3 - Insufficient devs

On the other hand, it’s possible that they thought they they had enough time to dev it, and enough time to test it, and that their testing was sufficient. Clearly it was not.

It’s hard to say, having only had brief discussions with them, and viewing the end result. But there’s definitely some of this at play. It’s just too unlikely that they fucked things up again and again and again without some of it being their fault.
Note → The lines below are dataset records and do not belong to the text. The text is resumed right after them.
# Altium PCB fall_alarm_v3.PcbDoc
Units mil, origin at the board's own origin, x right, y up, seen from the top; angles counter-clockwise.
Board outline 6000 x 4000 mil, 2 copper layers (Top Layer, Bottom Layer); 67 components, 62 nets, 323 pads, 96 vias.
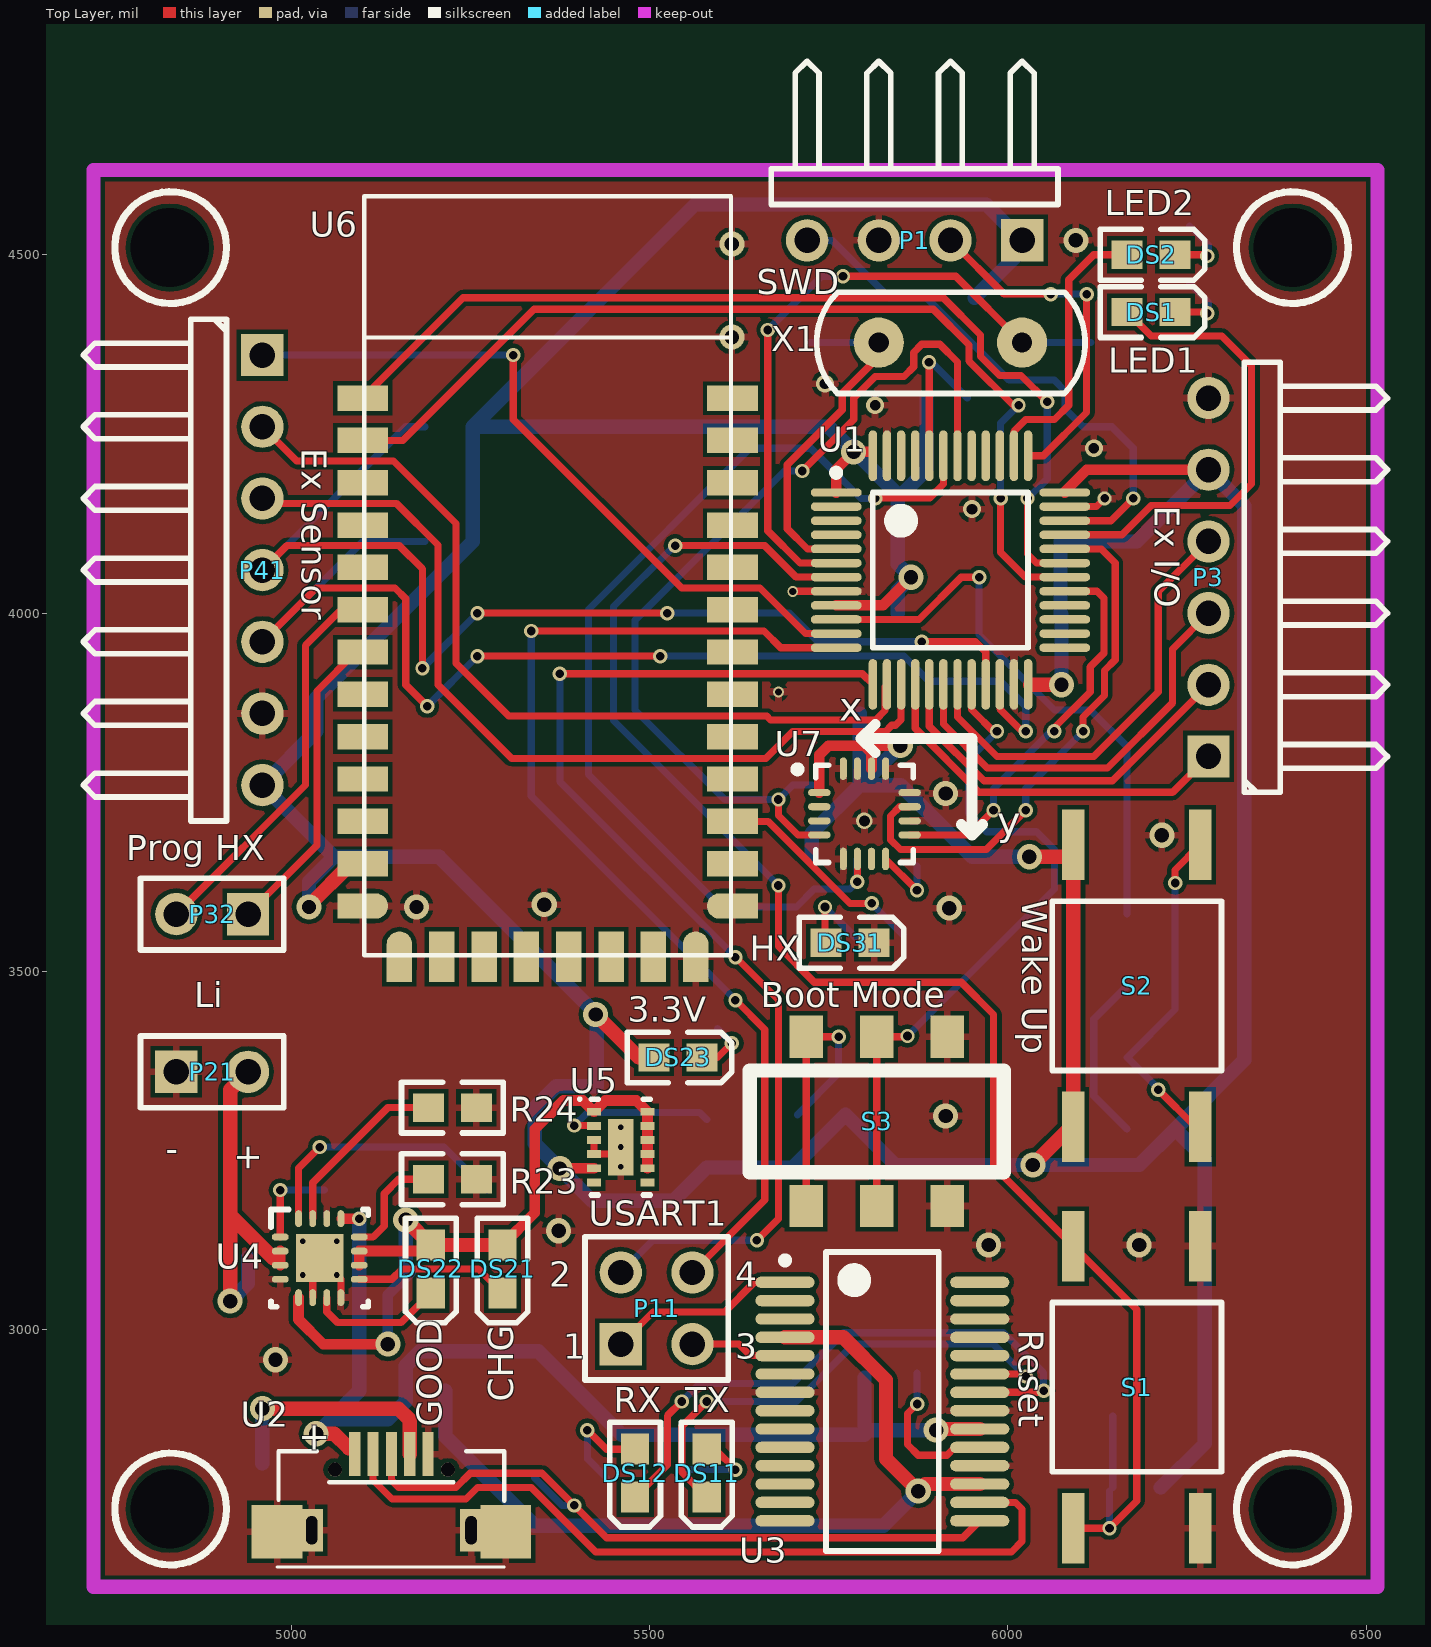
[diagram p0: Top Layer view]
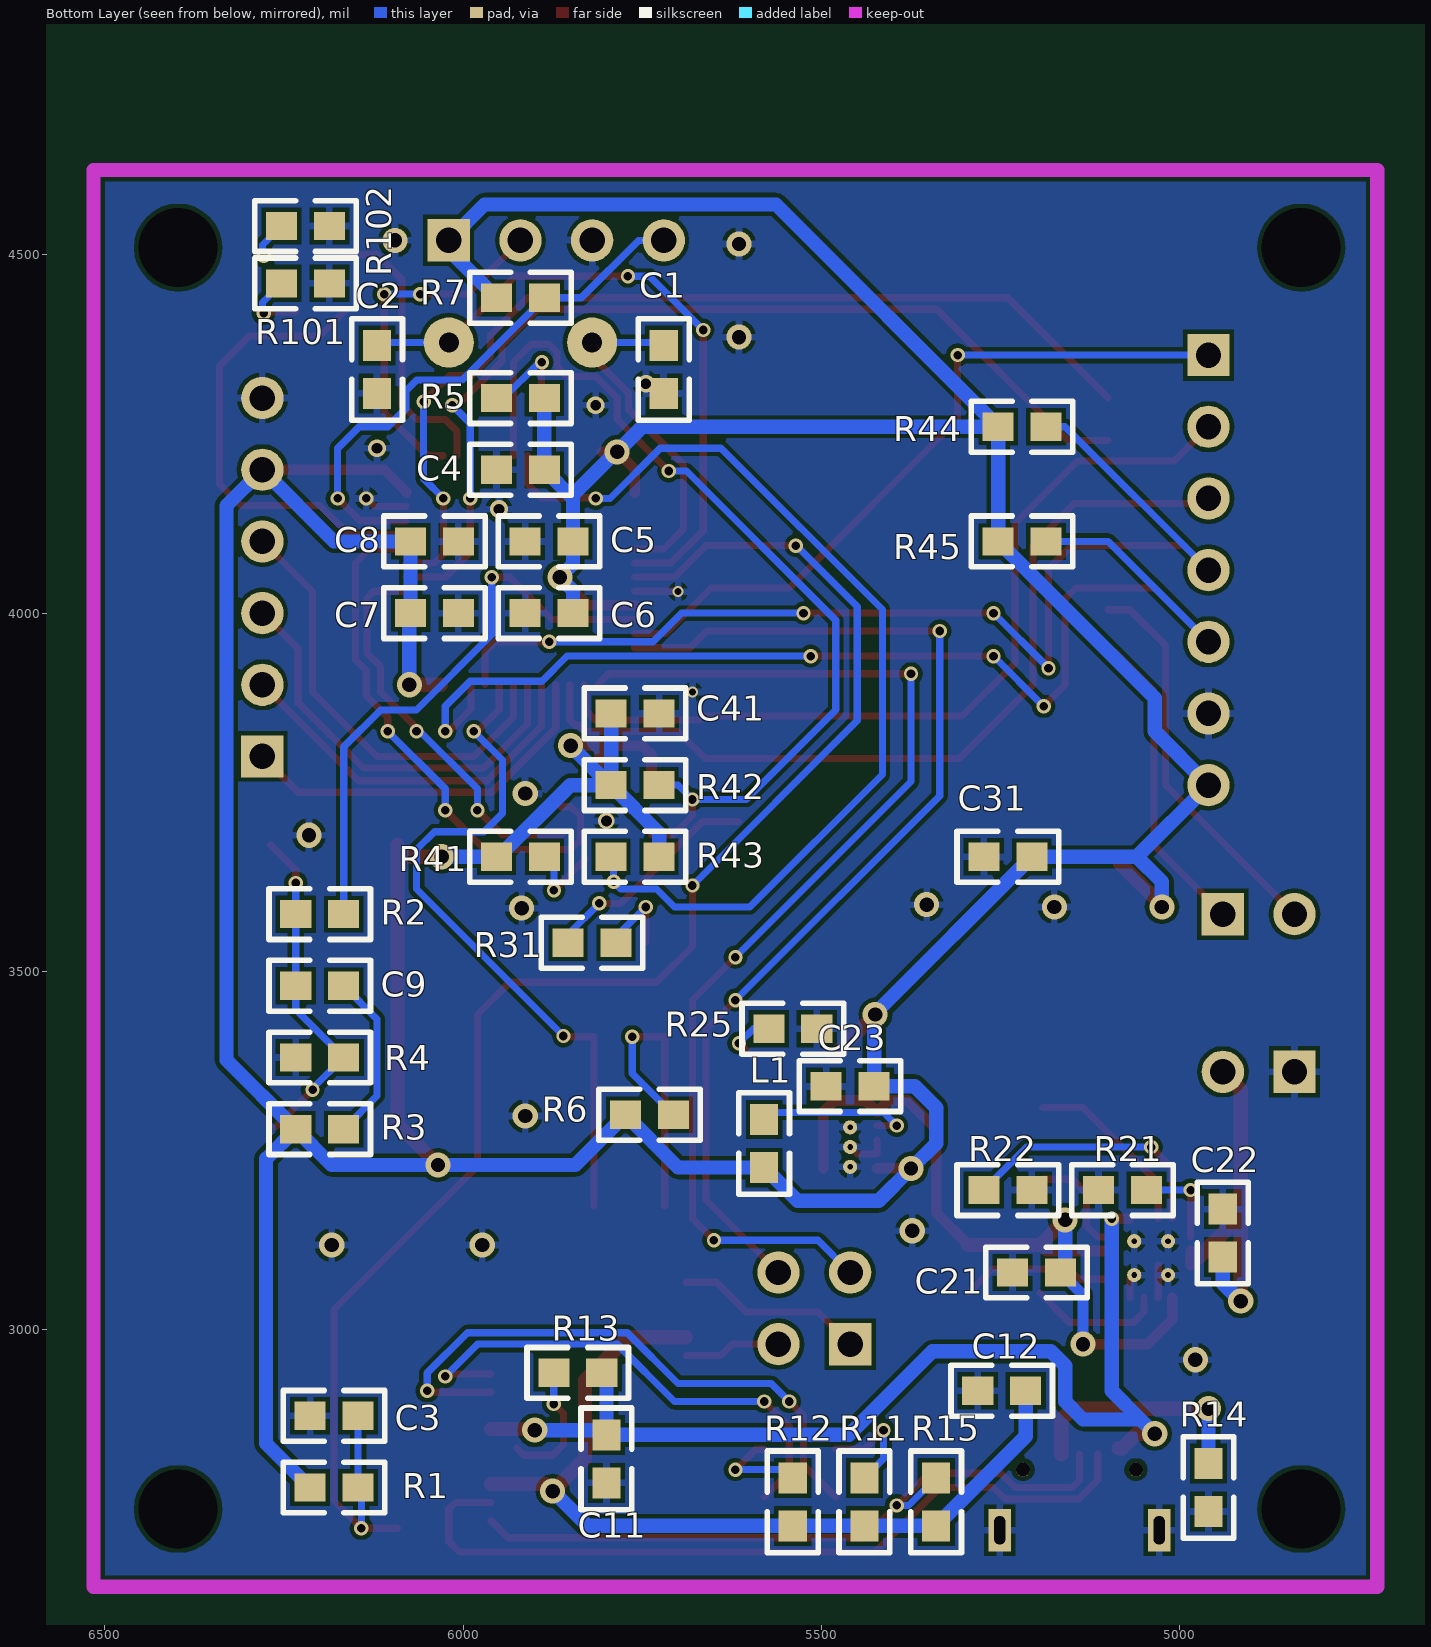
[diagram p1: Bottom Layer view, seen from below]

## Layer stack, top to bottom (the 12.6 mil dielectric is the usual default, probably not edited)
Top Layer: signal copper 1.4
Dielectric: core 12.6, FR-4, Dk 4.8
Bottom Layer: signal copper 1.4

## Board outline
1000,1000 7000,1000 7000,5000 1000,5000

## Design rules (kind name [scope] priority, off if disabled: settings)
Clearance [All] p1: gap=6
ComponentClearance [All] p1: gap=0 collisioncheckmode=3 verticalgap=10 showdistances=FALSE
PolygonConnect [All] p1: connectstyle=Relief reliefconductorwidth=10 reliefentries=4 polygonreliefangle="90 Angle"
RoutingVias [All] p1: holewidth=28 width=50 viastyle="Through Hole" minholewidth=2 minwidth=2 maxholewidth=28 maxwidth=50
SilkscreenOverComponentPads [All] p1: minsilkscreentomaskgap=10
SolderMaskExpansion [All] p1: expansion=4
Width [All] p1: maxlimit=40 minlimit=6 preferedwidth=6
26 further rules are at their usual default settings.

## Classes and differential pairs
component class bluetooth: C31 DS31 P31 P32 R31 U6
component class core: C1 C2 C3 C4 C5 C6 C7 C8 C9 DS1 DS2 P1 P2 P3 R1 R2 R3 R4 R5 R6 R7 R101 R102 S1 S2 S3 U1 X1
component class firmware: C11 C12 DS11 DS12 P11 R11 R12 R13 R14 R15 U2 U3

Like, come on. No one thought to review every public/external function for access controls? That’s just the low hanging fruit. The Chainlink problems should also have been obvious in my opinion. Lack of understanding of how ERC-721 approvals work, awful. There were other marginally harder exploits as well (I’ll leave finding them as an exercise to the Looty devs).

Some of the things they said pointed to them being extremely new to EVM. I’ve noticed that there are a set of tells that Solana developers have. One of them, for example, is a reluctance to verify their code, and the incorrect belief that unverified code cannot be exploited.

I have no idea why you would let novice devs (at a minimum, to EVM, not clear on their other work) write code protecting assets like this, unsupervised by an adult.

Contributing cause - being assholes

I probably made it clear in my previous articles already that I was unhappy with the Looty team, pretty much from the first interaction. It didn’t really get much better from there.

But, as you might be aware, I’m generally kind of a pushover. It took a lot for me to get to the point where I was strongly considering doing things I might regret. It’s actually kind of impressive that they managed to push me that far.

It probably goes without saying that this is a bad thing. I’m something of an asshole myself, but I hope that one day when someone comes to help me with something I’ve fucked up, that I don’t piss them off this badly.

But no, the real mistake here was getting in a pissing match with VirtualQuery on Twitter (and harassing people into trying to silence him). He has something of a devil-may-care attitude, so he was ready and willing to execute the whitehack.

Although the best practice is to whitehack at-risk funds immediately and deal with things afterwards, someone on better terms would probably have given them a heads up, or even inquired if they are prepared to quickly remove the at-risk funds.

Instead, the presumption was that they were jackasses that either wouldn’t believe it or wouldn’t act quickly enough, and either way didn’t really deserve a courtesy notification.

Action items

Normally this is where I would put work items to clean up after the incident, remediate the high level risks, and plan for longer term improvements in reliability.

But they can just fuck right off. I’m not their employee. Figure it out on your own.

Always willing to help a friend, or a friend of a friend, with advice or casual review. But this is the second time in the last few months I have regretted getting involved and helping strangers.

So my personal AI is to attempt to commit myself to not doing that again.